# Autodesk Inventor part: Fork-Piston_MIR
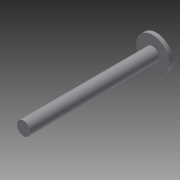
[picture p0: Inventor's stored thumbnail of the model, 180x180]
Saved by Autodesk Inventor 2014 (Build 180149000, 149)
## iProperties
Created: 2001-11
Part Number: Fork-Piston_MIR
Document SubType Name: Modeling
Designer: Autodesk, Inc.
Mass: 6.28409 g
Surface Area: 33.2778 cm^2
Volume: 6.28409 cm^3
Density: 1 g/cm^3
Material: Generic
Appearance: Default
Author: Autodesk, Inc.
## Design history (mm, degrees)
derived "Fork-Piston.ipt"
body "Solid1"
tag "TaggingFeature2"
feature "DerivedBody::Fork-Piston.ipt" dims "d0" = 10
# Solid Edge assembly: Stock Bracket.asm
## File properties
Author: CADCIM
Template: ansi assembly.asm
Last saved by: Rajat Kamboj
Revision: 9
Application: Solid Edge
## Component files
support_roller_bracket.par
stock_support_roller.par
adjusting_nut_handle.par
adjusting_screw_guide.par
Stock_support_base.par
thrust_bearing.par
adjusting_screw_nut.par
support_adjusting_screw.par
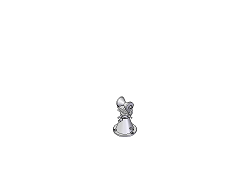
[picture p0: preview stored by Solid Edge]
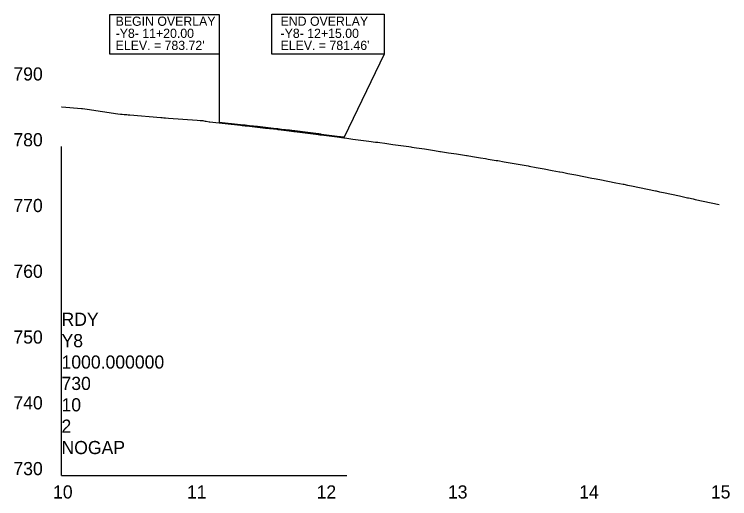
# Model space of a CAD drawing. Extents: x 579185 to 595036, y -53221 to -44640.
# Drawn here: x 589792 to 590335, y -49553 to -49185 of the extents above; entities that cross this region are included whole.
import ezdxf

# ---------------------------------------------------------------- set-up
doc = ezdxf.new("R2010")
doc.units = 0
for name, color, linetype in [('Exist Profile Cell', 7, 'Continuous'), ('Exist Vertical Profile Ground Line', 7, 'Continuous'), ('Exist Vertical Profile Horizontal Axis Label Major', 7, 'Continuous'), ('Exist Vertical Profile Vertical Axis Label', 7, 'Continuous'), ('Prop Grid Mask', 7, 'Continuous'), ('Prop Vertical Profile Curve Label', 7, 'Continuous'), ('Prop Vertical Profile Grade', 7, 'Continuous'), ('Prop VPI Label', 7, 'Continuous')]:
    doc.layers.add(name, color=color, linetype=linetype)

msp = doc.modelspace()

# ---------------------------------------------------------------- linework, layer by layer
at = {"layer": 'Exist Profile Cell'}
for q in [(589827.43, -49285.12), (590044.43, -49535.12), (589827.43, -49535.12)]:
    msp.add_line((589827.43, -49535.12), q, dxfattribs=at)
at = {"layer": 'Exist Vertical Profile Ground Line'}
for points in [[(589827.43, -49254.83), (589827.74, -49254.86), (589842.7, -49256.06), (589843.49, -49256.13), (589846.96, -49256.68), (589870.31, -49260.14), (589872.41, -49260.35), (589872.96, -49260.4), (589873.52, -49260.46), (589875.02, -49260.58), (589877.11, -49260.78), (589878.23, -49260.89), (589879.38, -49261.01), (589902.89, -49262.87), (589903.45, -49262.93), (589904.03, -49262.99), (589905.27, -49263.12), (589906.58, -49263.25), (589908.87, -49263.49), (589930.63, -49265.06), (589932.79, -49265.14), (589934.82, -49265.21), (589935.61, -49265.49), (589936.54, -49265.65), (589937.5, -49265.72), (589939.73, -49266.17), (589940.22, -49266.36), (589963.56, -49268.91), (589964.79, -49269.05), (589966.08, -49269.16), (589966.97, -49269.26), (589970.34, -49269.63), (589976.39, -49270.3), (589982.45, -49270.97), (589988.5, -49271.64), (589991.04, -49271.92), (589991.91, -49272.02), (589994.55, -49272.35), (590000.61, -49273.09), (590004.2, -49273.54), (590004.81, -49273.6), (590006.66, -49273.83), (590012.71, -49274.6), (590018.77, -49275.37), (590022.69, -49275.87), (590023.44, -49275.97), (590023.82, -49276.03), (590024.21, -49276.09), (590024.82, -49276.17), (590030.88, -49276.95), (590036.93, -49277.73), (590042.04, -49278.39), (590042.6, -49278.49), (590042.98, -49278.55), (590049.04, -49279.34), (590055.09, -49280.14), (590061.14, -49280.94), (590066.22, -49281.61), (590067.2, -49281.74), (590067.83, -49281.83), (590069.37, -49282.04), (590073.25, -49282.57), (590079.31, -49283.42), (590085.36, -49284.26), (590091.41, -49285.1), (590093.05, -49285.33), (590093.78, -49285.45), (590097.47, -49286.01), (590103.52, -49286.92), (590109.58, -49287.84), (590113.83, -49288.48), (590115.15, -49288.7), (590115.63, -49288.78), (590121.68, -49289.74), (590127.74, -49290.71), (590133.79, -49291.67), (590135.42, -49291.93), (590135.75, -49291.99), (590139.84, -49292.65), (590145.9, -49293.63), (590149.85, -49294.27), (590151.95, -49294.62), (590158.01, -49295.61), (590158.75, -49295.73), (590159.09, -49295.78), (590164.06, -49296.64), (590170.11, -49297.69), (590176.17, -49298.73), (590182.22, -49299.78), (590183.03, -49299.93), (590188.28, -49300.91), (590194.33, -49302.04), (590200.38, -49303.17), (590206.08, -49304.24), (590206.44, -49304.3), (590208.25, -49304.63), (590212.49, -49305.46), (590218.54, -49306.63), (590224.6, -49307.81), (590230.72, -49309), (590232.47, -49309.36)], [(590232.47, -49309.36), (590236.71, -49310.18), (590242.76, -49311.36), (590248.81, -49312.55), (590254.52, -49313.66), (590254.87, -49313.73), (590257.9, -49314.36), (590260.92, -49314.98), (590266.98, -49316.22), (590273.03, -49317.47), (590279.08, -49318.71), (590279.63, -49318.82), (590282.17, -49319.36), (590285.14, -49320), (590291.19, -49321.32), (590297.24, -49322.63), (590303.3, -49323.94), (590304.28, -49324.16), (590307.6, -49324.88), (590309.35, -49325.26), (590315.41, -49326.58), (590321.46, -49327.9), (590327.52, -49329.21)]]:
    msp.add_lwpolyline(points, dxfattribs=at)
at = {"layer": 'Prop Grid Mask'}
for points in [[(589864.2, -49184.73), (589947.43, -49184.73), (589947.43, -49214.72), (589864.2, -49214.72)], [(589987.43, -49184.53), (590072.82, -49184.53), (590072.82, -49214.72), (589987.43, -49214.72)]]:
    msp.add_lwpolyline(points, close=True, dxfattribs=at)
at = {"layer": 'Prop Vertical Profile Curve Label'}
for p, q in [((589947.43, -49214.72), (589947.43, -49266.52)), ((590072.82, -49214.72), (590042.43, -49277.83))]:
    msp.add_line(p, q, dxfattribs=at)
at = {"layer": 'Prop Vertical Profile Grade'}
msp.add_lwpolyline([(589947.43, -49266.52), (589963.63, -49268.29), (589964.85, -49268.43), (589966.14, -49268.54), (589967.04, -49268.64), (589970.41, -49269.01), (589976.46, -49269.68), (589982.51, -49270.35), (589988.57, -49271.02), (589991.11, -49271.3), (589991.99, -49271.4), (589994.63, -49271.73), (590000.68, -49272.47), (590004.27, -49272.92), (590004.89, -49272.98), (590006.74, -49273.21), (590012.79, -49273.98), (590018.85, -49274.75), (590022.77, -49275.25), (590023.53, -49275.35), (590023.92, -49275.41), (590024.3, -49275.47), (590024.9, -49275.55), (590030.96, -49276.33), (590037.01, -49277.11), (590042.13, -49277.77), (590042.43, -49277.83)], dxfattribs=at)

# ---------------------------------------------------------------- texts
at = {"layer": 'Exist Profile Cell'}
for s, p in [('RDY', (589827.43, -49421.37)), ('Y8', (589827.43, -49437.62)), ('1000.000000', (589827.43, -49453.87)), ('730', (589827.43, -49470.12)), ('10', (589827.43, -49486.37)), ('2', (589827.43, -49502.62)), ('NOGAP', (589827.43, -49518.87))]:
    msp.add_text(s, height=10, dxfattribs=at).set_placement(p)
at = {"layer": 'Exist Vertical Profile Horizontal Axis Label Major'}
for s, p in [('10', (589821.01, -49552.62)), ('11', (589922.85, -49552.62)), ('12', (590021.4, -49552.62)), ('13', (590121.23, -49552.62)), ('14', (590221.07, -49552.62)), ('15', (590321.17, -49552.62))]:
    msp.add_text(s, height=10, dxfattribs=at).set_placement(p)
at = {"layer": 'Exist Vertical Profile Vertical Axis Label'}
for s, p in [('790', (589790.86, -49234.87)), ('780', (589790.86, -49284.87)), ('770', (589790.86, -49334.87)), ('760', (589790.86, -49384.87)), ('750', (589790.86, -49434.87)), ('740', (589790.86, -49484.87)), ('730', (589790.86, -49534.87))]:
    msp.add_text(s, height=10, dxfattribs=at).set_placement(p)
at = {"layer": 'Prop VPI Label'}
for s, p in [('BEGIN OVERLAY', (589868.58, -49193.29)), ('END OVERLAY', (589993.98, -49193.29)), ('-Y8- 11+20.00', (589868.58, -49202.47)), ('-Y8- 12+15.00', (589993.98, -49202.47)), ("ELEV. = 783.72'", (589868.58, -49211.65)), ("ELEV. = 781.46'", (589993.98, -49211.65))]:
    msp.add_text(s, height=7, dxfattribs=at).set_placement(p)

doc.saveas('drawing.dxf')

....

» **REQUIRED WORK**
Go to the line above holding "adjusting_screw_nut.par", then copy exactly each line down to and including the one holding "# Model space", leaving pictures out.

» **EXERCISE SOLUTION**
adjusting_screw_nut.par
support_adjusting_screw.par
[picture p0: preview stored by Solid Edge]
# Model space of a CAD drawing. Extents: x 579185 to 595036, y -53221 to -44640.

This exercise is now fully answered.